Discussion in 'Sports and News' started by king cranium maximus IV, Jan 12, 2008.

  1. zeke12

    zeke12 Guest

    Fenian, I'd honestly like an answer to my question.

    Are you OK, as a Democrat, with the HRC campaign deliberately trying to drive down turnout? OK with a former president lecturing college students not to caucus, though it's within their rights to do so? OK with waiting until you see which side the CUW comes down on before you file a last-minute court challenge to a system you helped design when you thought you were getting that endorsement?

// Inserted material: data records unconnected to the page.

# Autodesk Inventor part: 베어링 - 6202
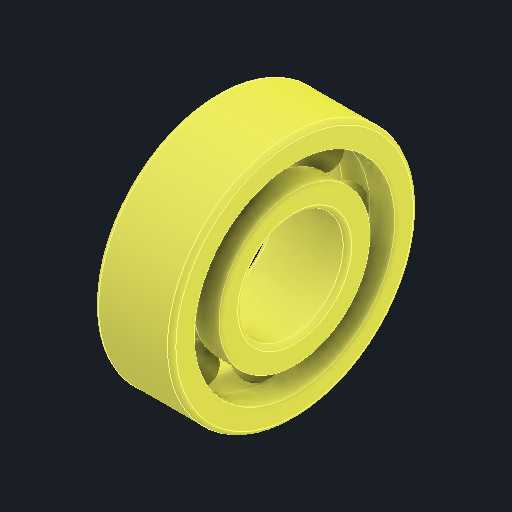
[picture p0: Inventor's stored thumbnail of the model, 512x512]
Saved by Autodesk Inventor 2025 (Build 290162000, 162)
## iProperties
Created: 2025-08
Part Number: 베어링 - 6202
Material: 강, 연강
Description: 깊은 그루브 볼 베어링
Document SubType Name: Modeling
Designer: infra023
Density: 7.86 g/cm^3
Appearance: 기본값
Author: jhkim
Sending System: Autodesk Inventor 2026
Preprocessor: ST-DEVELOPER v20.1
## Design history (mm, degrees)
feature "Solid1"
feature "Solid1:1"
feature "Solid1:2"
feature "Solid1:3"
feature "Solid1:4"
feature "Solid1:5"
feature "Solid1:6"
feature "Solid1:7"
feature "Solid1:8"
feature "Solid1:9"
node "솔리드1"
node "솔리드2"
node "솔리드3"
node "솔리드4"
node "솔리드5"
node "솔리드6"
node "솔리드7"
node "솔리드8"
node "솔리드9"
node "솔리드10"

    Forget all the other garbage.

    I'm asking if you think Democrats should run on a platform of trying to exclude people from the process.
     
  2. I don't believe that tactics are a "platform".
    I don't believe that something like this -- done in the open, with an actual lawsuit that can -- and likely will -- be defeated -- is what you say it is. This isn't a secretary of state engaging policies on the dime of every taxpayer to suppress turnout, or a US Attorney using the color of law to do the same. Yeah, I"m "OK" with all this happening, in no small part because I don't think it will work, and because I think it will do more harm than good to the campaign in general. What I am not "OK" with is moralistic bushwah about how everything the opposition does is either no-fair-no-fair! or, sub rosa, racist. I am not OK with Democrats behaving like angry nuns.
     
  3. zeke12

    zeke12 Guest

    I'm sure that's an answer to someone's question, it just isn't an answer to mine.
     
  4. Actually, it's a rejection of the premises of your question.
    I believe every campaign works to get more of their voters the polls than the other campaign's. I don't think this lawsuit ought to have been filed -- as I've said, it has its merits, but not compelling ones -- and I guess I'd say that Bill Clinton's comments were ill-timed, but all of this is done out in the open and the voters of Nevada can decide whether or not they want to respond to this kind of campaigning so, no, I don't have a problem with either of the two events under discussion.
     
  5. zeke12

    zeke12 Guest

    Well, I can live with that.

    Myself, I tend to be fond of Democrats who work to build the party.

    And, whether this suit has merits -- and any merit it would have would have to apply to the caucus process itself, since as I understand the law right now, political parties are free to award their delegates in any way they see fit -- it doesn't seem to matter to those who filed it that the effect would be to drive down turnout in a democratic caucus -- essentially, a party building event.

    And whether the former president's remarks were "ill-timed," I think he's on shaky ethical ground in making them anywhere, at any time. A former president should not be misleading young voters about whether they can vote or not.
     
  6. Please include a link to Clinton's comments, because I can't find them anywhere.
     
  7. zeke12

    zeke12 Guest

  8. THAT'S telling students they "shouldn't vote"? THAT's "misleading them" How? he's not saying "don't vote" or "you can't vote" or even "you shouldn't vote." He's telling them to examine their consciences about whether to pack the caucus. They're well within their rights to tell him to fuck off. O certainly would have. These are college students, not sheep.
    OK, please tell this campaign to get a thicker skin so it's ready when the real nut-cutting begins.
    And how, politically, is asking a student from Pewaukee to come back early and help pack a Iowa caucus that much different in the purest hardball sense from filing a lawsuit to jack with your opponent's campaign in Nevada? All of it's inbounds, for my money.
     
  9. zeke12

    zeke12 Guest

    You mean besides the first being within the rules of the caucus and the second seeking to change the rules of the caucus? And you also mean besides one having the effect of raising turnout and encouraging young people to be part of the political process and the other attempting to tamp down turnout and disengage people from the process?

    Those distinctions seem pretty clear.